====== Supplied material

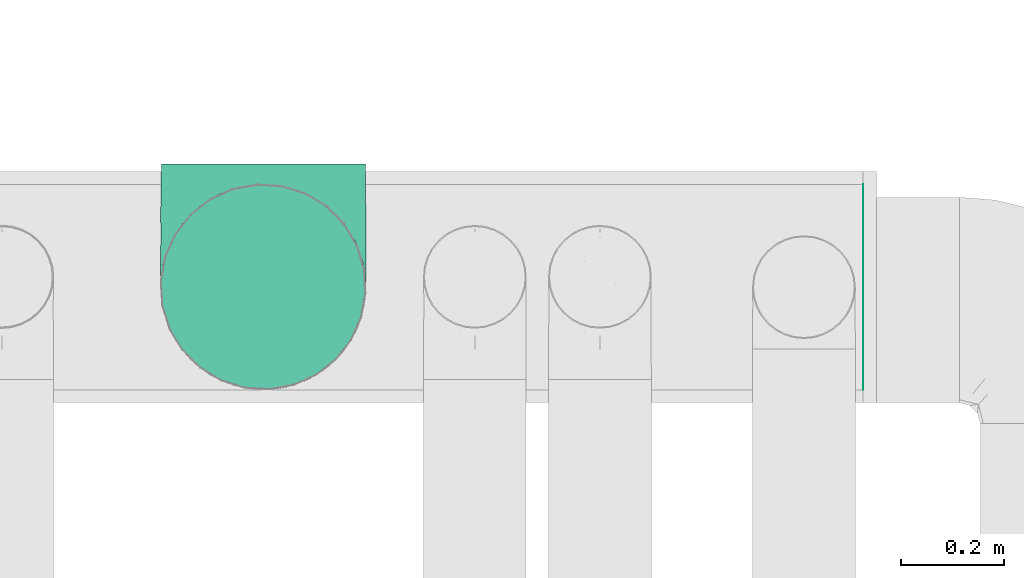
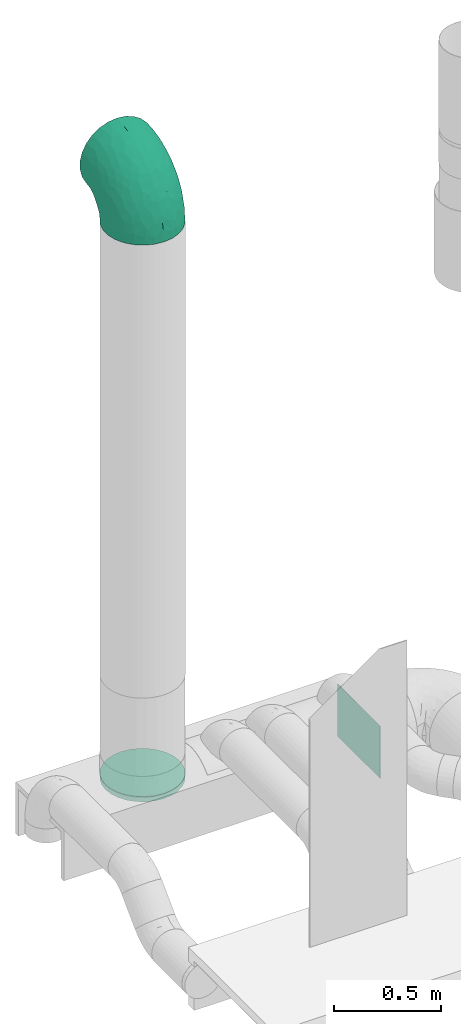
# One storey, part 8 of 9: 3 flow fittings.
"""IFC2X3 building model written with IfcOpenShell, lengths in millimetres."""

from ifc_helpers import new_model, entity, si_unit, converted_unit, derived_unit, direction, frame, origin_with_axes, place, context, subcontext, project, spatial, open_shell, surface_model, source, transform, mapped, type_object, element, save


model = new_model("IFC2X3")

# Units and contexts
model_context = context("Model", 3, precision=0.01, world=frame((0.0, 4.29681676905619e-09, 0.0)), true_north=direction((4.01073788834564e-13, 1.0)))
plan_context = context("Plan", 3, precision=0.01, world=frame((0.0, 4.29681676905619e-09, 0.0)), true_north=direction((4.01073788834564e-13, 1.0)))
body_context = subcontext(model_context, "Body", "Model", "MODEL_VIEW")
ifc_project = project(units=[converted_unit("PLANEANGLEUNIT", "DEGREE", entity("IfcPositiveLengthMeasure", 0.0174532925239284), si_unit("PLANEANGLEUNIT", "RADIAN"), dimensions=[0, 0, 0, 0, 0, 0, 0]), si_unit("AREAUNIT", "SQUARE_METRE"), si_unit("LENGTHUNIT", "METRE", prefix="MILLI"), si_unit("MASSUNIT", "GRAM", prefix="KILO"), si_unit("POWERUNIT", "WATT"), si_unit("PRESSUREUNIT", "PASCAL"), si_unit("FORCEUNIT", "NEWTON", prefix="KILO"), si_unit("ELECTRICVOLTAGEUNIT", "VOLT"), si_unit("ELECTRICCURRENTUNIT", "AMPERE"), si_unit("THERMODYNAMICTEMPERATUREUNIT", "DEGREE_CELSIUS"), si_unit("TIMEUNIT", "SECOND"), si_unit("VOLUMEUNIT", "CUBIC_METRE"), derived_unit("LINEARVELOCITYUNIT", [(si_unit("LENGTHUNIT", "METRE"), 1), (si_unit("TIMEUNIT", "SECOND"), -1)]), derived_unit("VOLUMETRICFLOWRATEUNIT", [(si_unit("VOLUMEUNIT", "CUBIC_METRE"), 1), (si_unit("TIMEUNIT", "SECOND"), -1)]), derived_unit("THERMALTRANSMITTANCEUNIT", [(si_unit("POWERUNIT", "WATT"), 1), (si_unit("THERMODYNAMICTEMPERATUREUNIT", "KELVIN"), -1), (si_unit("AREAUNIT", "SQUARE_METRE"), -1)]), derived_unit("SOUNDPRESSUREUNIT", [(si_unit("PRESSUREUNIT", "PASCAL"), 1)])], contexts=[model_context, plan_context])

# Site, building, storey
site_placement = place(None, frame((0.0, -4.29681676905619e-09, 0.0), z_axis=(0.0, 0.0, 1.0), x_axis=(1.0, 0.0, 0.0)))
site = spatial("IfcSite", under=ifc_project, at=site_placement, Name="ENGM", CompositionType="ELEMENT")
building_placement = place(site_placement, frame((0.0, 4.29681676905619e-09, 0.0), z_axis=(0.0, 0.0, 1.0), x_axis=(1.0, 0.0, 0.0)))
building = spatial("IfcBuilding", under=site, at=building_placement, Name="TH", CompositionType="ELEMENT")
storey_placement = place(building_placement, frame((0.0, 0.0, 205200.0), z_axis=(0.0, 0.0, 1.0), x_axis=(1.0, 0.0, 0.0)))
storey = spatial("IfcBuildingStorey", under=building, at=storey_placement, Name="Nivå D + 1,2 m", CompositionType="ELEMENT", Elevation=205200.0)

# Flow fittings
duct_fitting_type_1 = type_object("IfcDuctFittingType", Name="magicirc_elbow_short_001", PredefinedType="BEND")
shared_shape_1 = source(origin_with_axes(), body_context, "Body", "SurfaceModel", [
    surface_model("IfcShellBasedSurfaceModel", [(-239.99618, 113.61295, -164.59677), (-239.99618, 70.92098, -187.00325), (-239.99618, 24.10734, -198.54177), (-239.99618, -24.10734, -198.54177), (-239.99618, 194.18836, -47.86313), (-239.99618, 177.09121, -92.94464), (-239.99618, 149.70215, -132.62454), (-239.99618, -200.0, 0.0), (-239.99618, 200.0, 0.0), (-239.99618, -70.92098, -187.00325), (-239.99618, -113.61295, -164.59677), (-239.99618, -177.09121, -92.94464), (-239.99618, -149.70215, -132.62454), (-239.99618, -194.18836, -47.86313), (-239.99618, 177.09121, 92.94464), (-239.99618, 194.18836, 47.86313), (-239.99618, 149.70215, 132.62454), (-239.99618, 70.92098, 187.00325), (-239.99618, 113.61295, 164.59677), (-239.99618, -70.92098, 187.00325), (-239.99618, -177.09121, 92.94464), (-239.99618, -149.70215, 132.62454), (-239.99618, -194.18836, 47.86313), (-239.99618, -24.10734, 198.54177), (-239.99618, 24.10734, 198.54177), (-239.99618, -113.61295, 164.59677), (-24.10352, 239.99656, -198.54177), (-70.91716, 239.99731, -187.00325), (-113.60913, 239.998, -164.59677), (24.11116, 239.9958, -198.54177), (149.70597, 239.9938, 132.62454), (-149.69833, 239.99856, -132.62454), (-177.08739, 239.999, -92.94464), (200.00382, 239.993, 0.0), (113.61677, 239.99438, -164.59677), (70.9248, 239.99505, -187.00325), (149.70597, 239.9938, -132.62454), (177.09502, 239.99336, -92.94464), (194.19218, 239.99309, -47.86313), (-194.18455, 239.99927, -47.86313), (-199.99619, 239.99936, 0.0), (-194.18455, 239.99927, 47.86313), (-177.08739, 239.999, 92.94464), (-149.69833, 239.99856, 132.62454), (-113.60913, 239.998, 164.59677), (-70.91716, 239.99731, 187.00325), (113.61677, 239.99438, 164.59677), (177.09502, 239.99336, 92.94464), (194.19218, 239.99309, 47.86313), (-24.10352, 239.99656, 198.54177), (24.11116, 239.9958, 198.54177), (70.9248, 239.99505, 187.00325), (-196.74133, -191.45884, 50.10653), (-198.86729, -196.76312, 0.0), (-171.16572, -194.58298, 0.0), (118.68575, 0.92741, 59.1437), (141.95656, 48.6791, 70.42568), (123.41275, 55.24139, 109.01333), (-85.69739, 147.62525, 190.73638), (-116.87187, 199.9875, 166.67785), (-121.57183, 167.66015, 172.48965), (-104.03003, -178.46531, 0.0), (-133.81238, -183.40937, 37.14215), (-137.59787, -186.52413, 0.0), (-201.76454, 117.34786, 166.01697), (-128.6511, -105.10747, 157.99719), (-129.47156, -133.32872, 133.02586), (-90.82566, -120.5633, 132.05796), (-110.47383, 129.80242, 187.37141), (-147.23537, 149.38011, 166.82081), (-198.0041, -178.92549, 85.0295), (-181.04707, -147.98024, 129.47656), (84.96028, -31.68412, 79.39254), (66.61557, -22.24305, 115.2386), (54.21064, -52.50041, 97.06563), (176.12246, 157.1641, 77.71474), (147.40969, 184.38328, 130.70877), (153.91041, 117.43549, 101.1531), (-69.33488, 15.23705, 195.49461), (-36.72248, -22.35928, 177.63947), (-20.40608, 20.40638, 187.14359), (-126.64475, -42.30983, 189.4104), (-104.095, -81.44707, 167.6906), (-69.05404, -54.6283, 172.8413), (-214.90262, 183.19877, 91.38164), (-203.29549, 203.29873, 67.96709), (-187.13195, -110.74355, 163.83758), (-211.26054, 68.18171, 188.86761), (-239.99618, 92.26696, 175.80001), (-194.53754, 27.59668, 198.69768), (-147.80292, 100.44968, 186.30087), (-175.61564, 124.09874, 168.70491), (-79.21322, 211.33659, 184.71563), (-25.85753, 189.24023, 199.00477), (-79.13971, -141.0952, 99.22108), (-196.79073, 171.15979, 121.68193), (-212.86644, 160.76232, 124.84793), (-181.52339, 152.02104, 148.1446), (-219.99636, 205.35889, 0.0), (-58.83208, -88.41619, 147.49933), (92.27079, 239.99471, 175.80001), (116.22657, 203.42089, 161.41051), (-185.46659, -22.63632, 197.99658), (-204.01164, -62.89376, 189.13462), (-24.52666, 97.11572, 199.13879), (-49.56286, 133.39548, 198.8129), (-66.10414, 98.39367, 199.37936), (-30.34363, -106.38052, 113.19102), (104.82496, 25.52748, 111.43517), (-119.98114, 72.61514, 197.08265), (-156.96044, 218.9069, 127.21304), (167.1247, 87.63556, 45.74599), (183.4115, 133.80947, 37.14215), (-184.13291, 185.69005, 117.1643), (-182.96561, 214.5625, 92.05821), (191.46197, 196.73828, 50.10653), (144.42436, 31.67357, 33.11006), (68.61805, 186.04658, 186.08561), (196.76628, 198.86415, 0.0), (-19.07031, -59.99804, 149.75203), (178.92863, 198.00127, 85.0295), (140.24722, 148.73882, 131.09688), (-93.34154, -18.28754, 191.69998), (-89.08553, -167.97476, 44.47914), (-114.00422, -154.66625, 98.09855), (-157.16691, -176.11995, 77.71474), (101.17184, -31.235, 40.5377), (-205.35538, 219.99963, 0.0), (7.22193, -25.18359, 158.05898), (16.22989, 11.57484, 171.27943), (-156.8591, -75.63398, 180.375), (18.264, -72.61215, 112.30327), (13.43492, -107.23705, 62.79957), (53.59177, -73.10726, 64.77414), (-40.69952, 60.20181, 197.9712), (45.72329, -4.39363, 146.65739), (35.15028, -40.42581, 128.96428), (91.28631, 129.36214, 167.51205), (115.0919, 167.12239, 158.1022), (20.79648, 191.27652, 198.39267), (7.78317, 161.35906, 199.00153), (53.70395, 155.01674, 188.88404), (-67.66794, 172.20862, 192.34106), (-15.97913, 141.15499, 199.94107), (-131.31339, 13.76042, 199.69779), (-145.52753, 50.31926, 198.01664), (-164.75373, 31.54072, 199.1539), (-44.76656, -139.99169, 70.37371), (-164.48854, 172.12559, 144.31235), (45.64408, 86.35444, 181.34645), (66.6846, 112.12128, 177.44151), (34.9393, 125.81274, 191.49449), (120.56474, 90.82373, 132.05796), (-182.60154, 70.05072, 190.59151), (-106.26374, 37.23505, 199.97905), (5.4666, 57.2161, 188.78137), (12.62339, 97.22238, 193.60364), (141.56979, 81.82148, 100.26241), (178.46696, 104.0272, 0.0), (115.96883, -18.62891, 0.0), (134.00665, 10.80545, 0.0), (-159.14521, -4.40893, 199.23864), (75.8443, 19.69114, 137.65923), (92.95568, 47.87348, 138.37022), (73.90445, 68.30473, 161.63472), (48.02373, 36.9104, 165.41289), (-152.35565, 189.99338, 143.70864), (-72.13614, -165.25456, 0.0), (-40.24223, -152.04383, 0.0), (-31.59575, -144.44117, 32.79035), (186.52633, 137.59491, 0.0), (194.58571, 171.16261, 0.0), (152.04446, 40.23981, 0.0), (165.2557, 72.13351, 0.0), (-1.76337, -126.08456, 35.7691), (-16.00912, -123.42705, 71.17476), (44.8777, -93.5493, 0.0), (18.62706, -115.96912, 0.0), (-82.84258, 62.8591, 199.97446), (78.64556, -54.27518, 49.64664), (93.54858, -44.87918, 0.0), (-10.80758, -134.00647, 0.0), (71.12833, -71.12946, 0.0), (-218.90441, 156.96393, -127.21304), (-199.98565, 116.87505, -166.67785), (58.90231, -68.83028, -63.09578), (15.32939, -106.16429, -62.02084), (-129.36361, -91.28424, -167.51207), (-167.12425, -115.08924, -158.1022), (-186.04769, -68.61508, -186.08561), (-94.46686, 110.90943, -194.76337), (-129.80068, 110.47589, -187.37141), (-141.76941, 147.59969, -170.13193), (-87.63822, -167.1233, -45.74599), (-48.68136, -141.95579, -70.42569), (-31.67587, -144.42386, -33.11006), (-203.29549, 203.29873, -67.96709), (22.96707, 35.56759, -177.0201), (-14.27573, 70.09126, -195.42742), (18.69688, 93.38297, -191.60026), (-13.86028, -127.36247, -58.0685), (-29.48767, -107.88222, -110.6318), (-68.17836, 211.26161, -188.8676), (-117.34465, 201.76641, -166.01697), (-59.10775, 32.13069, -196.81433), (-97.11536, 24.5282, -199.13881), (-90.55469, 60.71567, -199.89107), (-214.90262, 183.19877, -91.38164), (54.6294, 69.05315, -172.8413), (98.27205, 42.78134, -130.49536), (57.07948, 11.20348, -147.59185), (-184.90105, 185.92575, -116.16986), (-189.99096, 152.35868, -143.70864), (-164.7428, 127.39519, -170.48863), (-196.74133, -191.45884, -50.10653), (102.9795, -25.21384, -50.35994), (-198.0041, -178.92549, -85.0295), (-184.38562, -147.40675, -130.70877), (-20.40608, 20.40638, -187.14359), (-203.42274, -116.22334, -161.41051), (-239.99618, -92.26696, -175.80001), (-133.81238, -183.40937, -37.14215), (-157.16691, -176.11995, -77.71474), (-117.43795, -153.90856, -101.1531), (42.31185, 126.64406, -189.4104), (81.44873, 104.09369, -167.6906), (-191.27686, -20.79342, -198.39267), (147.98312, 181.04471, -129.47655), (-129.30202, 59.74502, -197.96332), (-155.13023, 92.66774, -187.35986), (154.66807, 114.00176, -98.09854), (176.12246, 157.1641, -77.71474), (-148.74106, -140.24485, -131.09689), (-160.49716, 212.94414, -125.12706), (-152.01816, 181.5258, -148.1446), (2.78944, -30.7733, -157.17282), (62.89701, 204.01064, -189.13462), (22.63929, 185.46622, -197.99658), (-189.23983, 25.86053, -199.00477), (-27.5936, 194.53798, -198.69768), (-100.44735, 147.80451, -186.30087), (-124.09595, 175.61761, -168.70491), (-182.99592, 214.60769, -91.9693), (110.74653, 187.13018, -163.83758), (-211.33534, 79.21657, -184.71563), (75.63649, 156.85789, -180.375), (133.33078, 129.46942, -133.02586), (120.56474, 90.82373, -132.05796), (105.10952, 128.64941, -157.99717), (82.80226, -53.88906, -37.02606), (-92.26315, 239.99765, -175.80001), (123.66627, 51.7975, -106.19746), (139.9924, 44.76432, -70.3737), (117.64848, 16.01201, -82.93121), (128.17408, 6.72842, -40.53258), (178.92863, 198.00127, -85.0295), (183.4115, 133.80947, -37.14215), (167.97617, 89.08285, -44.47914), (191.46197, 196.73828, -50.10653), (142.54406, 78.96317, -96.72676), (-97.56549, -63.71139, -175.75319), (-84.70252, -93.5566, -153.72915), (-144.36074, 26.22276, -199.9157), (-172.20755, 67.67068, -192.34106), (-156.61268, -52.11718, -189.55604), (34.63017, -16.71599, -146.70809), (52.55947, -35.05281, -117.90426), (-36.70321, 165.46261, -198.61775), (-70.04782, 182.60263, -190.59151), (154.76352, 54.99999, -40.00097), (-90.82566, -120.5633, -132.05796), (-57.62759, 136.49878, -197.69026), (-51.22391, -22.76939, -181.71374), (-155.33434, -3.83541, -199.17792), (-81.82374, -141.56849, -100.26241), (-58.1296, -124.31853, -109.76161), (3.06695, 160.45525, -199.37904), (-125.81331, -34.93729, -191.49449), (-87.32287, -32.19798, -186.55526), (-114.50614, -4.03106, -197.01826), (-57.25283, -70.84381, -159.56223), (-14.81902, -65.35669, -143.41025), (-13.75834, 131.31357, -199.69779), (-168.8367, 164.28541, -146.55481), (18.264, -72.61215, -112.30327), (79.70845, -39.92974, -76.14586), (90.81709, -6.61076, -101.00863), (-32.52697, 105.18691, -199.8622), (-62.8578, 82.84356, -199.97446)], [open_shell([[[0, 1, 2]], [[0, 2, 3]], [[0, 4, 5]], [[6, 0, 5]], [[0, 7, 8]], [[3, 9, 0]], [[9, 10, 0]], [[11, 10, 12]], [[11, 13, 7]], [[0, 10, 11]], [[11, 7, 0]], [[8, 4, 0]], [[14, 15, 8]], [[16, 14, 8]], [[17, 18, 16]], [[16, 7, 17]], [[7, 19, 17]], [[20, 21, 22]], [[21, 7, 22]], [[19, 23, 24]], [[21, 25, 7]], [[7, 25, 19]], [[19, 24, 17]], [[7, 16, 8]], [[26, 27, 28]], [[29, 26, 28]], [[30, 31, 32]], [[28, 31, 30]], [[30, 33, 28]], [[29, 34, 35]], [[29, 28, 34]], [[36, 34, 37]], [[33, 38, 37]], [[34, 33, 37]], [[28, 33, 34]], [[39, 30, 32]], [[40, 41, 42]], [[40, 42, 43]], [[43, 44, 45]], [[43, 45, 40]], [[40, 45, 46]], [[33, 47, 48]], [[30, 47, 33]], [[49, 50, 51]], [[46, 45, 51]], [[46, 30, 40]], [[51, 45, 49]], [[30, 39, 40]], [[52, 53, 54]], [[55, 56, 57]], [[58, 59, 60]], [[52, 22, 53]], [[61, 62, 63]], [[18, 64, 16]], [[65, 66, 67]], [[68, 60, 69]], [[20, 70, 21]], [[70, 71, 21]], [[72, 73, 74]], [[21, 71, 25]], [[75, 76, 77]], [[22, 52, 20]], [[78, 79, 80]], [[81, 82, 83]], [[15, 84, 85]], [[19, 25, 86]], [[87, 88, 17]], [[24, 89, 17]], [[64, 90, 91]], [[92, 93, 45]], [[25, 71, 86]], [[66, 94, 67]], [[18, 87, 64]], [[95, 96, 97]], [[85, 8, 15]], [[8, 85, 98]], [[82, 99, 83]], [[100, 51, 101]], [[89, 24, 102]], [[19, 103, 23]], [[14, 84, 15]], [[104, 105, 106]], [[67, 94, 107]], [[55, 108, 72]], [[109, 68, 90]], [[110, 43, 42]], [[75, 111, 112]], [[113, 114, 85]], [[112, 115, 75]], [[116, 111, 56]], [[30, 46, 76]], [[51, 117, 101]], [[115, 118, 48]], [[99, 119, 83]], [[120, 30, 76]], [[115, 48, 47]], [[76, 101, 121]], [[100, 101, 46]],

============

Assigned task: Copy out only the lines above from the one with "from ifc_helpers import" to the one with "# Units and contexts", inclusive, exactly as they stand.

Your solution:
from ifc_helpers import new_model, entity, si_unit, converted_unit, derived_unit, direction, frame, origin_with_axes, place, context, subcontext, project, spatial, open_shell, surface_model, source, transform, mapped, type_object, element, save


model = new_model("IFC2X3")

# Units and contexts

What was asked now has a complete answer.